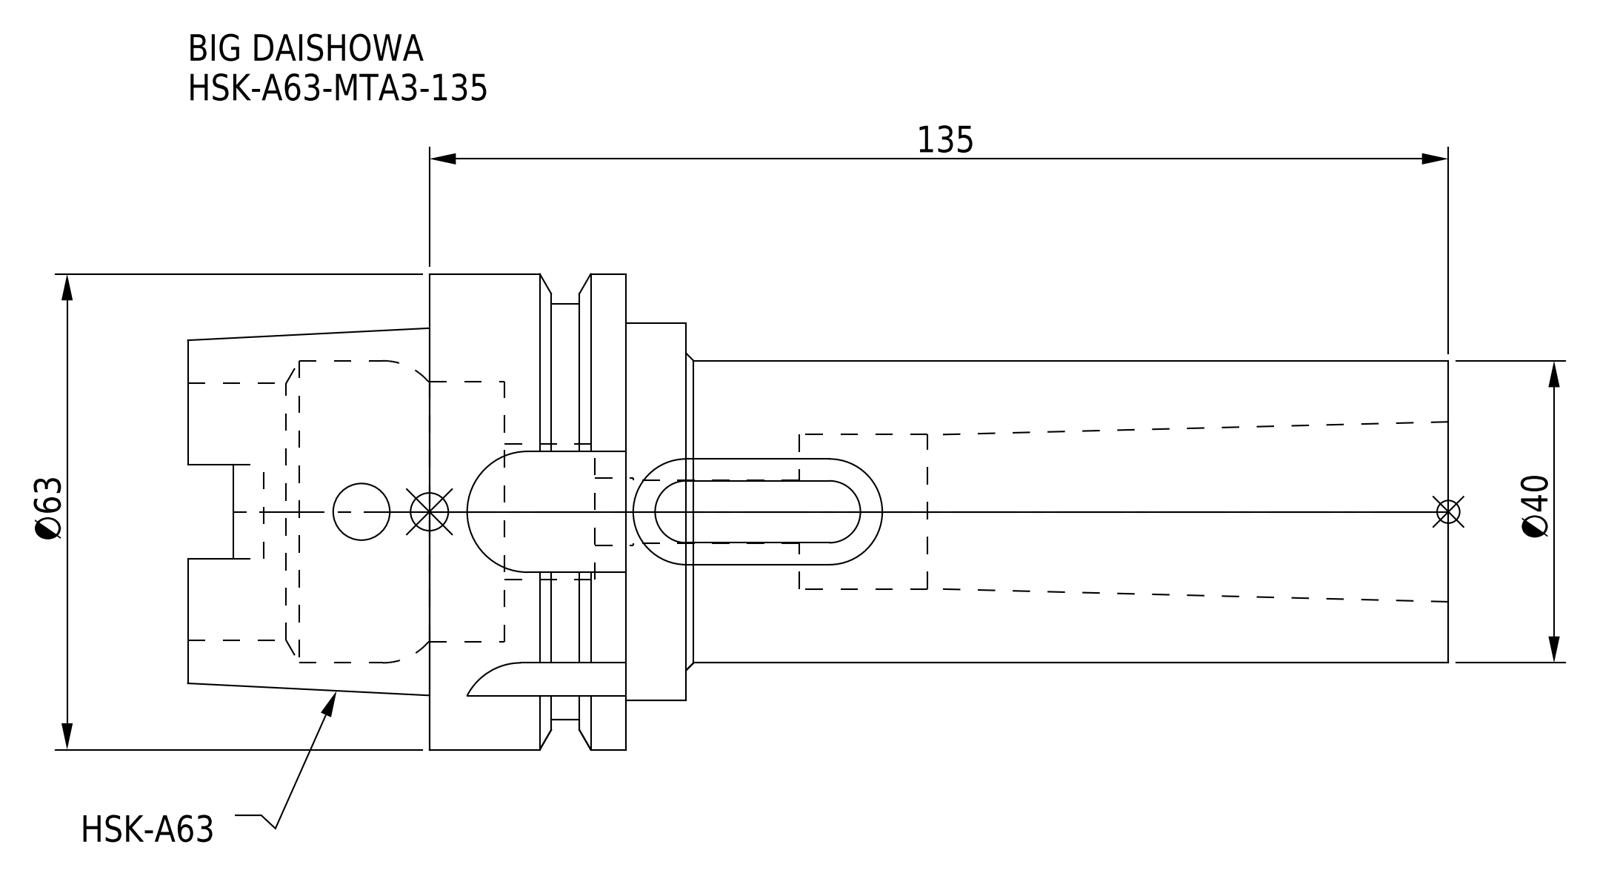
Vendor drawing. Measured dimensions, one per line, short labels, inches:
name: HSK-A63-MTA3-135
written by: CREO PARAMETRIC BY PTC INC, 2016380 (AUTOMOTIVE_DESIGN)
unit: in
bodies: 1 solid, 115 faces (52 planar, 47 cylindrical, 16 other)
size: 6.575 × 2.48 × 2.48
volume: 11.2 in³; area: 67.57 in²
holes: 1× ⌀0.295, 1× ⌀0.331, 1× ⌀0.354, 1× ⌀0.709, 1× ⌀0.807, 1× ⌀1.339, 1× ⌀1.358, 1× ⌀1.575
bosses: 1× ⌀2.48, 1× ⌀2.165, 1× ⌀1.969
rounds: 4× R0.113, 4× R0.315, 2× R0.161, 2× R0.276
face distances: 1.024, 0.323, 4.291, 5.315, 4.923, 0.632, 0.392, 1.26, 6.575, 2.283
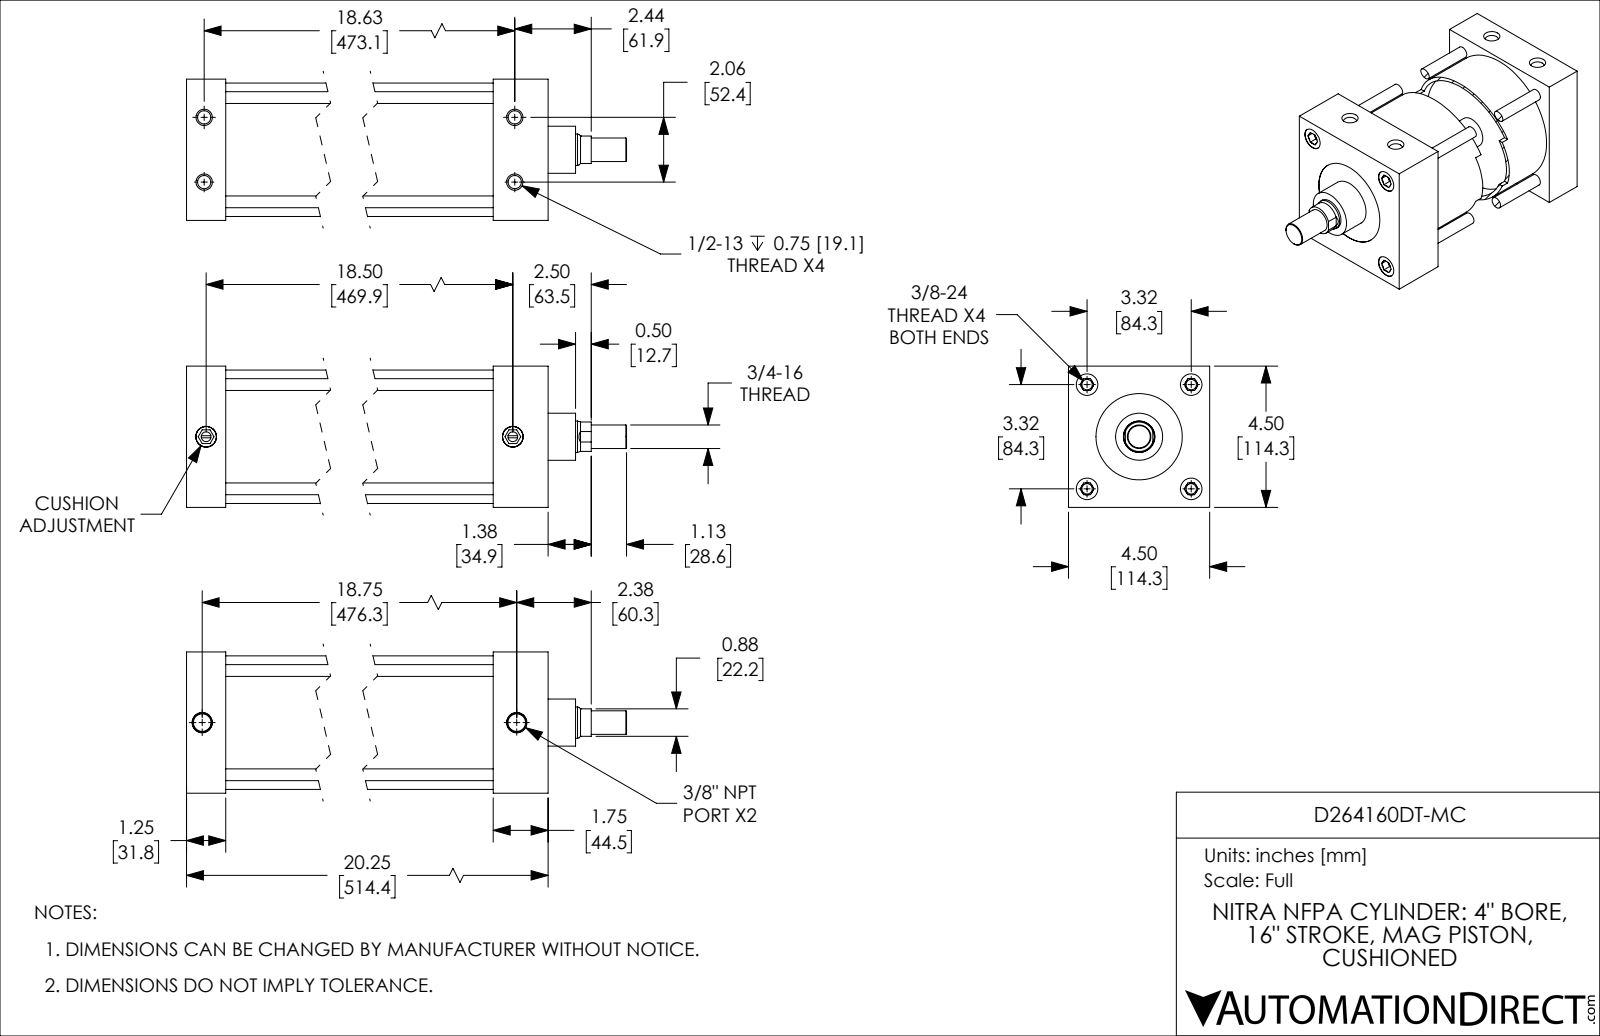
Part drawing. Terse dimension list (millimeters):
name: D264160DT-MC_CUSHION; D264160DT-MC_PISTON_KK1; D264160DT-MC; D264160DT-MC_BODY
written by: SolidWorks 2019 (CONFIG_CONTROL_DESIGN)
unit: mm
bodies: 4 solids, 246 faces (90 planar, 78 cylindrical, 78 other)
size: 577.9 × 114.3 × 114.3
volume: 2 040 000 mm³; area: 514 300 mm²
holes: 4× ⌀8.4, 4× ⌀10.7, 4× ⌀17.4, 2× ⌀7.9, 2× ⌀14.3, 2× ⌀16.7, 1× ⌀25.4, 1× ⌀69.9, 1× ⌀101.6
bosses: 4× ⌀9.5, 2× ⌀16.7, 1× ⌀108, 1× ⌀101.6, 1× ⌀38.1, 1× ⌀25.4, 1× ⌀19.1
rounds: 1× R11.9
face distances: 31.8, 114.3, 469.9, 438.2, 514.4, 482.6, 44.5, 63.5, 406.4, 450.9
hole spacings: 26.2, 59.6, 84.3, 475.4, 52.4, 119.3, 473.1, 476
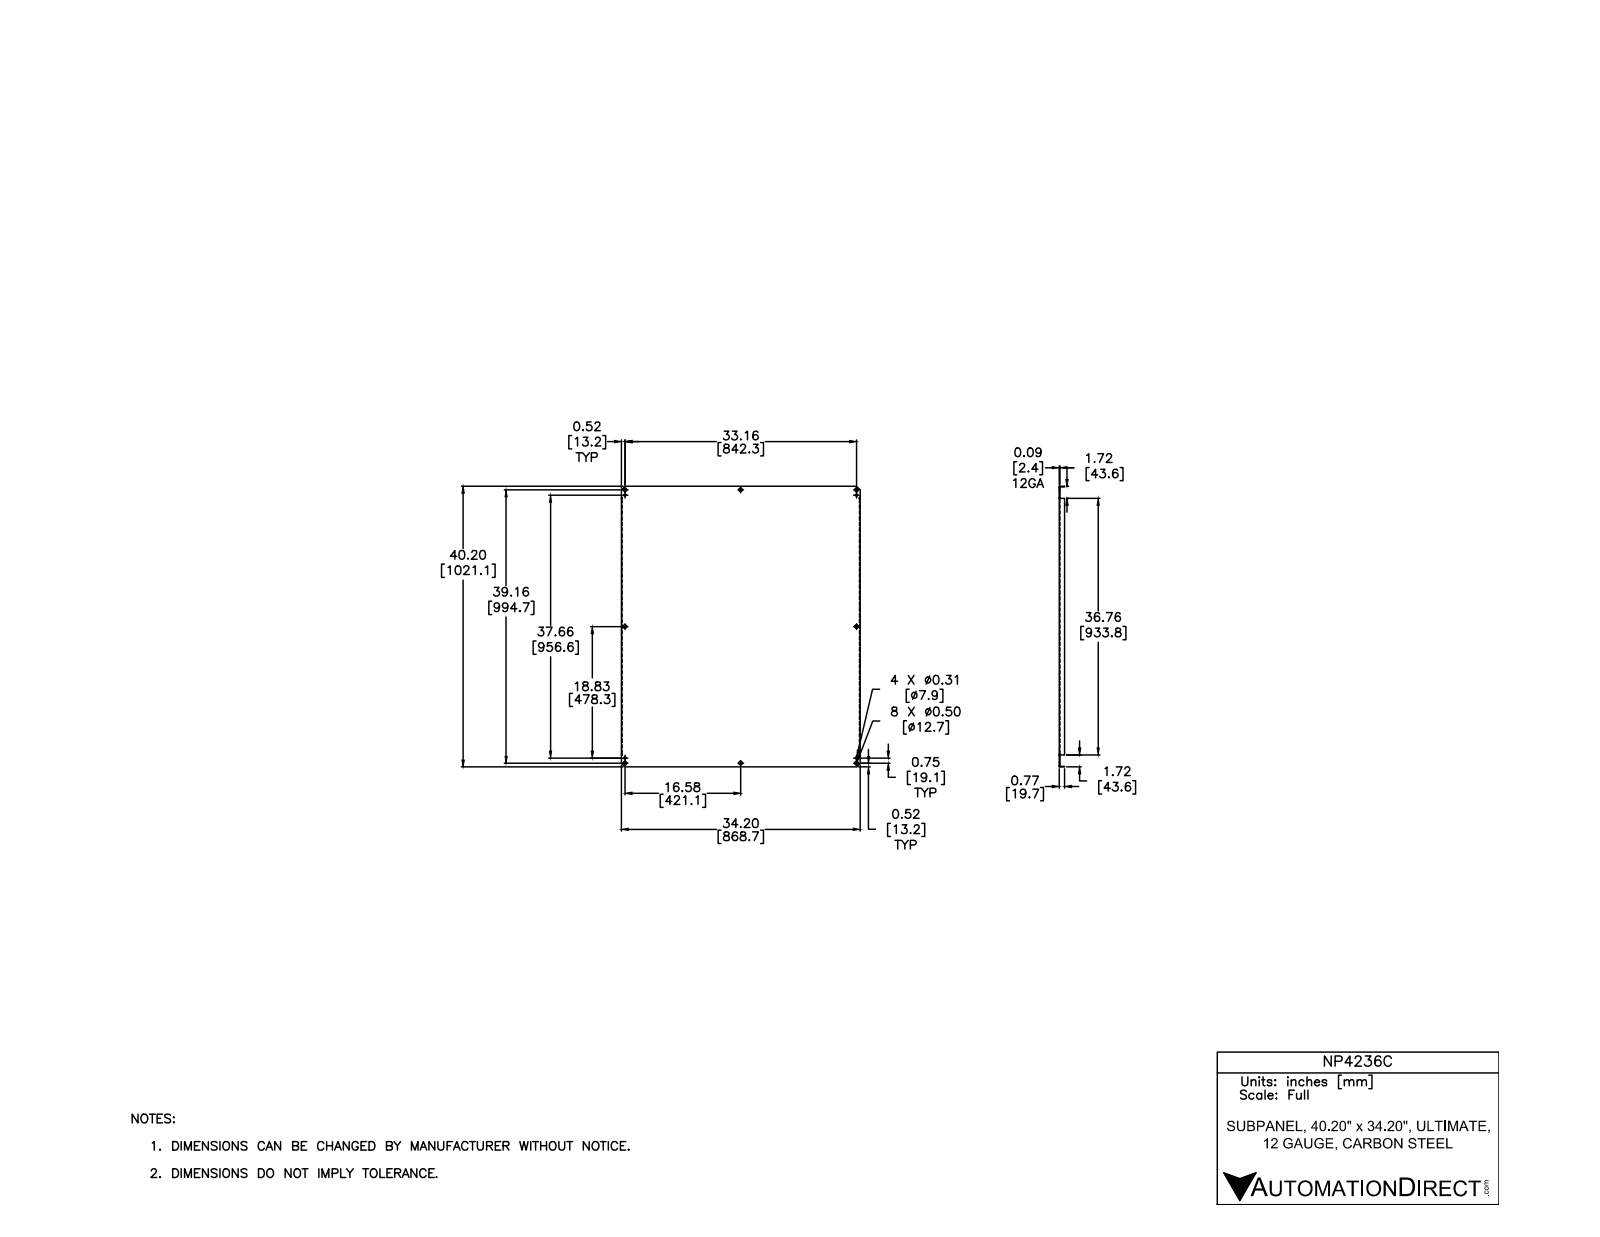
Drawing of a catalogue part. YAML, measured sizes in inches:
part_name: "NP4236C"
step_written_by: "Autodesk Inventor 2012 (AUTOMOTIVE_DESIGN)"
units: inches
bodies: {solids: 1, faces: 70, planar: 50, cylindrical: 20, other: 0}
overall_size: [40.2, 34.2, 0.774]
volume: 136.9
surface_area: 2937
round_holes:
  - {diameter: 0.5, count: 8}
  - {diameter: 0.313, count: 4}
partial_cylinders:
  - {radius: 0.016, count: 4}
  - {radius: 0.109, count: 4}
face_to_face_distances: [0.094, 34.106, 40.106, 34.2, 34.013, 40.2, 40.013, 0.68, 0.774, 1.718]
hole_center_spacings: [33.16, 0.75, 16.58, 16.597, 18.83, 19.58, 25.657, 33.169]
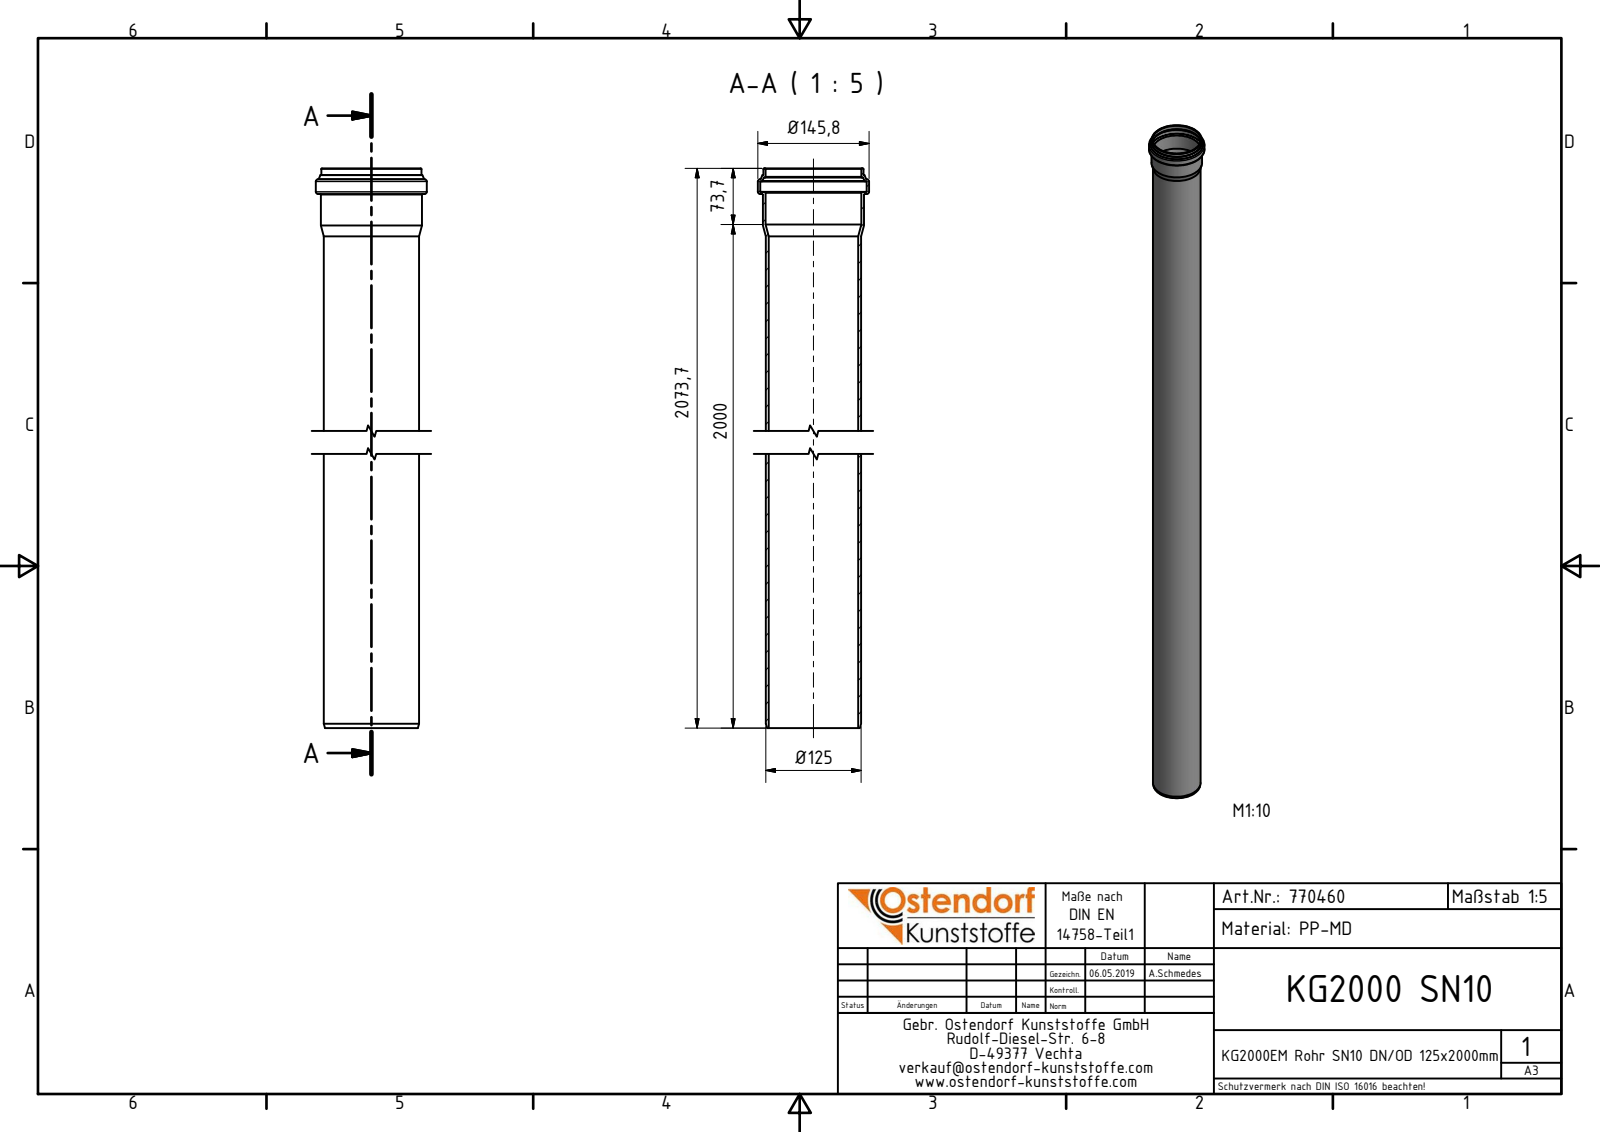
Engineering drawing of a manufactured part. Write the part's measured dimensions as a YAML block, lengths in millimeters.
part_name: "770460 KG2000EM Rohr SN10 DN-OD125x2000"
step_written_by: "Autodesk Inventor 2016 (AUTOMOTIVE_DESIGN)"
units: millimeters
bodies: {solids: 1, faces: 35, planar: 5, cylindrical: 8, other: 22}
overall_size: [2073.7, 145.8, 145.8]
volume: 3081000
surface_area: 1594000
round_holes:
  - {diameter: 117.2, count: 1}
  - {diameter: 125.5, count: 1}
  - {diameter: 139.8, count: 1}
round_bosses_or_shafts:
  - {diameter: 145.8, count: 1}
  - {diameter: 132.7, count: 1}
  - {diameter: 131.5, count: 1}
  - {diameter: 125, count: 1}
face_to_face_distances: [2040, 2073.7, 33.7, 2064.87, 24.87, 8.83, 2059.5, 19.5, 5.37, 14.2]
+ + + + +
With the pictures set aside, return each line of the listing exactly as given.

Vendor drawing. Measured dimensions, one per line, short labels, inches:
name: HSK-A63-MTA3-135
written by: CREO PARAMETRIC BY PTC INC, 2016380 (AUTOMOTIVE_DESIGN)
unit: in
bodies: 1 solid, 115 faces (52 planar, 47 cylindrical, 16 other)
size: 6.575 × 2.48 × 2.48
volume: 11.2 in³; area: 67.57 in²
holes: 1× ⌀0.295, 1× ⌀0.331, 1× ⌀0.354, 1× ⌀0.709, 1× ⌀0.807, 1× ⌀1.339, 1× ⌀1.358, 1× ⌀1.575
bosses: 1× ⌀2.48, 1× ⌀2.165, 1× ⌀1.969
rounds: 4× R0.113, 4× R0.315, 2× R0.161, 2× R0.276
face distances: 1.024, 0.323, 4.291, 5.315, 4.923, 0.632, 0.392, 1.26, 6.575, 2.283
Part drawing. Terse dimension list (millimeters):
name: D264160DT-MC_CUSHION; D264160DT-MC_PISTON_KK1; D264160DT-MC; D264160DT-MC_BODY
written by: SolidWorks 2019 (CONFIG_CONTROL_DESIGN)
unit: mm
bodies: 4 solids, 246 faces (90 planar, 78 cylindrical, 78 other)
size: 577.9 × 114.3 × 114.3
volume: 2 040 000 mm³; area: 514 300 mm²
holes: 4× ⌀8.4, 4× ⌀10.7, 4× ⌀17.4, 2× ⌀7.9, 2× ⌀14.3, 2× ⌀16.7, 1× ⌀25.4, 1× ⌀69.9, 1× ⌀101.6
bosses: 4× ⌀9.5, 2× ⌀16.7, 1× ⌀108, 1× ⌀101.6, 1× ⌀38.1, 1× ⌀25.4, 1× ⌀19.1
rounds: 1× R11.9
face distances: 31.8, 114.3, 469.9, 438.2, 514.4, 482.6, 44.5, 63.5, 406.4, 450.9
hole spacings: 26.2, 59.6, 84.3, 475.4, 52.4, 119.3, 473.1, 476
Drawing of a catalogue part. YAML, measured sizes in inches:
part_name: "NP4236C"
step_written_by: "Autodesk Inventor 2012 (AUTOMOTIVE_DESIGN)"
units: inches
bodies: {solids: 1, faces: 70, planar: 50, cylindrical: 20, other: 0}
overall_size: [40.2, 34.2, 0.774]
volume: 136.9
surface_area: 2937
round_holes:
  - {diameter: 0.5, count: 8}
  - {diameter: 0.313, count: 4}
partial_cylinders:
  - {radius: 0.016, count: 4}
  - {radius: 0.109, count: 4}
face_to_face_distances: [0.094, 34.106, 40.106, 34.2, 34.013, 40.2, 40.013, 0.68, 0.774, 1.718]
hole_center_spacings: [33.16, 0.75, 16.58, 16.597, 18.83, 19.58, 25.657, 33.169]
Engineering drawing of a manufactured part. Write the part's measured dimensions as a YAML block, lengths in millimeters.
part_name: "770460 KG2000EM Rohr SN10 DN-OD125x2000"
step_written_by: "Autodesk Inventor 2016 (AUTOMOTIVE_DESIGN)"
units: millimeters
bodies: {solids: 1, faces: 35, planar: 5, cylindrical: 8, other: 22}
overall_size: [2073.7, 145.8, 145.8]
volume: 3081000
surface_area: 1594000
round_holes:
  - {diameter: 117.2, count: 1}
  - {diameter: 125.5, count: 1}
  - {diameter: 139.8, count: 1}
round_bosses_or_shafts:
  - {diameter: 145.8, count: 1}
  - {diameter: 132.7, count: 1}
  - {diameter: 131.5, count: 1}
  - {diameter: 125, count: 1}
face_to_face_distances: [2040, 2073.7, 33.7, 2064.87, 24.87, 8.83, 2059.5, 19.5, 5.37, 14.2]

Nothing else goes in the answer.